At the start of the 1970s, the adhesives area was separated from the linoleum business and continued independently. At the same time, the name of the company was changed from Continentale Linoleum Union to Forbo. In the subsequent two decades, Forbo grew to become a global concern, working on all five continents. The company made various acquisitions and extended its business activities to the areas of wall coverings and high-pressure laminates.
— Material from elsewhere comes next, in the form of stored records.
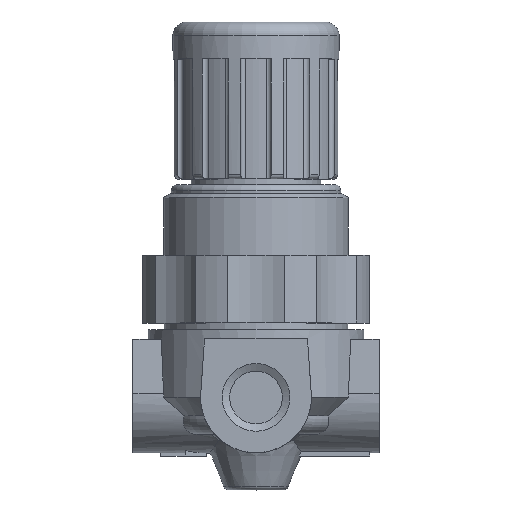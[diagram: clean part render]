
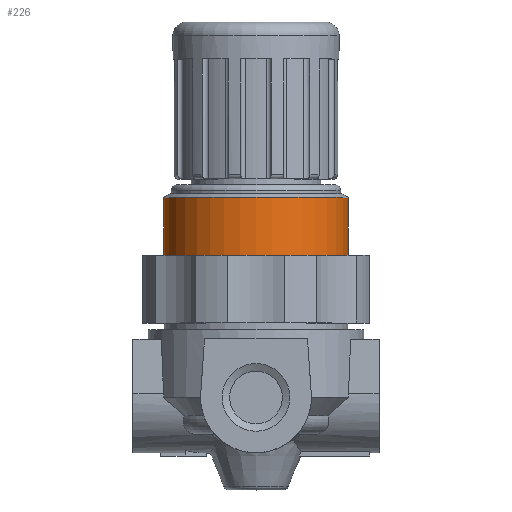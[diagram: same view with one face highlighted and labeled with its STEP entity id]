
A CAD part, top view. The second image highlights one B-rep face of the part: STEP entity #226.
In plain terms, the highlighted cylindrical face has radius 15 mm (diameter 30 mm), a full revolution.
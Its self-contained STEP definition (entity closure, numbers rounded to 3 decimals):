
#226 = ADVANCED_FACE( '', ( #498, #499 ), #500, .T. );
#498 = FACE_OUTER_BOUND( '', #839, .T. );
#499 = FACE_OUTER_BOUND( '', #840, .T. );
#500 = CYLINDRICAL_SURFACE( '', #841, 15. );
#839 = EDGE_LOOP( '', ( #1781 ) );
#840 = EDGE_LOOP( '', ( #1782 ) );
#841 = AXIS2_PLACEMENT_3D( '', #1783, #1784, #1785 );
#1781 = ORIENTED_EDGE( '', *, *, #2520, .F. );
#1782 = ORIENTED_EDGE( '', *, *, #2482, .T. );
#1783 = CARTESIAN_POINT( '', ( 0., -33.1, 0. ) );
#1784 = DIRECTION( '', ( 0., 1., 0. ) );
#1785 = DIRECTION( '', ( 0., 0., -1. ) );
#2482 = EDGE_CURVE( '', #3084, #3084, #3085, .F. );
#2520 = EDGE_CURVE( '', #3143, #3143, #3144, .T. );
#3084 = VERTEX_POINT( '', #4393 );
#3085 = CIRCLE( '', #4394, 15. );
#3143 = VERTEX_POINT( '', #4469 );
#3144 = CIRCLE( '', #4470, 15. );
#4393 = CARTESIAN_POINT( '', ( 0., -23.1, 15. ) );
#4394 = AXIS2_PLACEMENT_3D( '', #5049, #5050, #5051 );
#4469 = CARTESIAN_POINT( '', ( 0., -32.5, -15. ) );
#4470 = AXIS2_PLACEMENT_3D( '', #5129, #5130, #5131 );
#5049 = CARTESIAN_POINT( '', ( 0., -23.1, 0. ) );
#5050 = DIRECTION( '', ( 0., 1., 0. ) );
#5051 = DIRECTION( '', ( 0., 0., 1. ) );
#5129 = CARTESIAN_POINT( '', ( 0., -32.5, 0. ) );
#5130 = DIRECTION( '', ( 0., -1., 0. ) );
#5131 = DIRECTION( '', ( 0., 0., -1. ) );

In 1994 Forbo took over Siegling, a company specialized in power transmission and light conveyor belts based in Hanover, Germany. In the second half of the 1990s, the areas wall coverings and laminates were phased out.

In 2000 the group realigned itself strategically in the four areas of linoleum, vinyl, synthetic belts and adhesives, and then made several smaller acquisitions to reinforce its adhesives business. The industrial areas, including extrusion profiles, decoration products and coated textiles, were phased out, while the carpet activity was sold in a management buy-out.

In the first half of the 2000s, the adhesives activity was further extended internationally by the takeover of the company Swift with operations in the US, Europe and Asia. The plastic belts division was also extended in Great Britain. The linoleum and vinyl activities were fused with Forbo Flooring, and at the same time the three strategic divisions of floor coverings, adhesives and plastic belts were formed. Production takes place at two locations in Krommenie (Netherlands) and Kirkcaldy (Scotland).

2006: takeover of Victa Technologies, a Chinese adhesives manufacturers specializing in hotmelt adhesives and water-based adhesives.

2007: new branding and growth strategy; the three core divisions are renamed Flooring Systems, Bonding Systems and Movement Systems, and pursue an integrated corporate strategy under the umbrella brand Forbo.

In 2012 there is a concentration on the market leading market positions Flooring Systems and Movement Systems. The activities of Bonding Systems with the industrial adhesives (including synthetic polymers) are sold off. Building and construction adhesives are continued as a separate unit within the division Flooring Systems.